EXERCISE INSTRUCTIONS: Please return every entry below exactly as written, without any of its pictures.

--- DATASET ENTRIES Enclosed Below ---

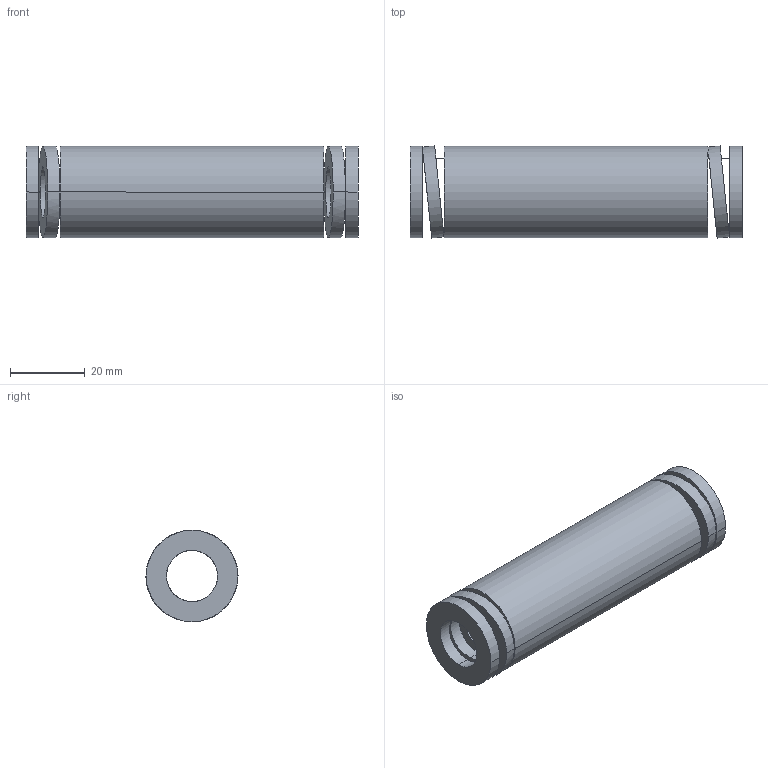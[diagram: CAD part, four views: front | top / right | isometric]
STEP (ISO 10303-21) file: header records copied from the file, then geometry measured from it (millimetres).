
FILE_DESCRIPTION(('CATIA V5 STEP Exchange'),'2;1');
FILE_NAME('C:\Users\Utente\Desktop\IO LAVORO\3D X SITO CF\X SITO\3D files 392B\392-B25-089.stp','2021-08-13T07:47:14+00:00',('none'),('none'),'CATIA Version 5 Release 20 GA (IN-10)','CATIA V5 STEP AP203','none');
FILE_SCHEMA(('CONFIG_CONTROL_DESIGN'));
Length unit declared in the file: millimetre
Products named in the file (1): 392-B25-089
Bounding box: 89 x 24.71 x 24.5 mm (x, y, z)
Volume: 27157.6 mm3; surface area: 13301.8 mm2
Topology: 1 solids, 1 shells, 38 faces, 92 edges, 64 vertices
Faces by surface type: cylinder 28, plane 10
Entity records: 1602 total; most frequent: CARTESIAN_POINT 719, ORIENTED_EDGE 184, DIRECTION 126, EDGE_CURVE 92, VERTEX_POINT 64, AXIS2_PLACEMENT_3D 61, EDGE_LOOP 56, B_SPLINE_CURVE_WITH_KNOTS 42

--- End of Enclosed DATASET ENTRIES ---

RESPONSE TO THE TASK:
[diagram: CAD part, four views: front | top / right | isometric]
STEP (ISO 10303-21) file: header records copied from the file, then geometry measured from it (millimetres).
FILE_DESCRIPTION(('CATIA V5 STEP Exchange'),'2;1');
FILE_NAME('C:\Users\Utente\Desktop\IO LAVORO\3D X SITO CF\X SITO\3D files 392B\392-B25-089.stp','2021-08-13T07:47:14+00:00',('none'),('none'),'CATIA Version 5 Release 20 GA (IN-10)','CATIA V5 STEP AP203','none');
FILE_SCHEMA(('CONFIG_CONTROL_DESIGN'));
Length unit declared in the file: millimetre
Products named in the file (1): 392-B25-089
Bounding box: 89 x 24.71 x 24.5 mm (x, y, z)
Volume: 27157.6 mm3; surface area: 13301.8 mm2
Topology: 1 solids, 1 shells, 38 faces, 92 edges, 64 vertices
Faces by surface type: cylinder 28, plane 10
Entity records: 1602 total; most frequent: CARTESIAN_POINT 719, ORIENTED_EDGE 184, DIRECTION 126, EDGE_CURVE 92, VERTEX_POINT 64, AXIS2_PLACEMENT_3D 61, EDGE_LOOP 56, B_SPLINE_CURVE_WITH_KNOTS 42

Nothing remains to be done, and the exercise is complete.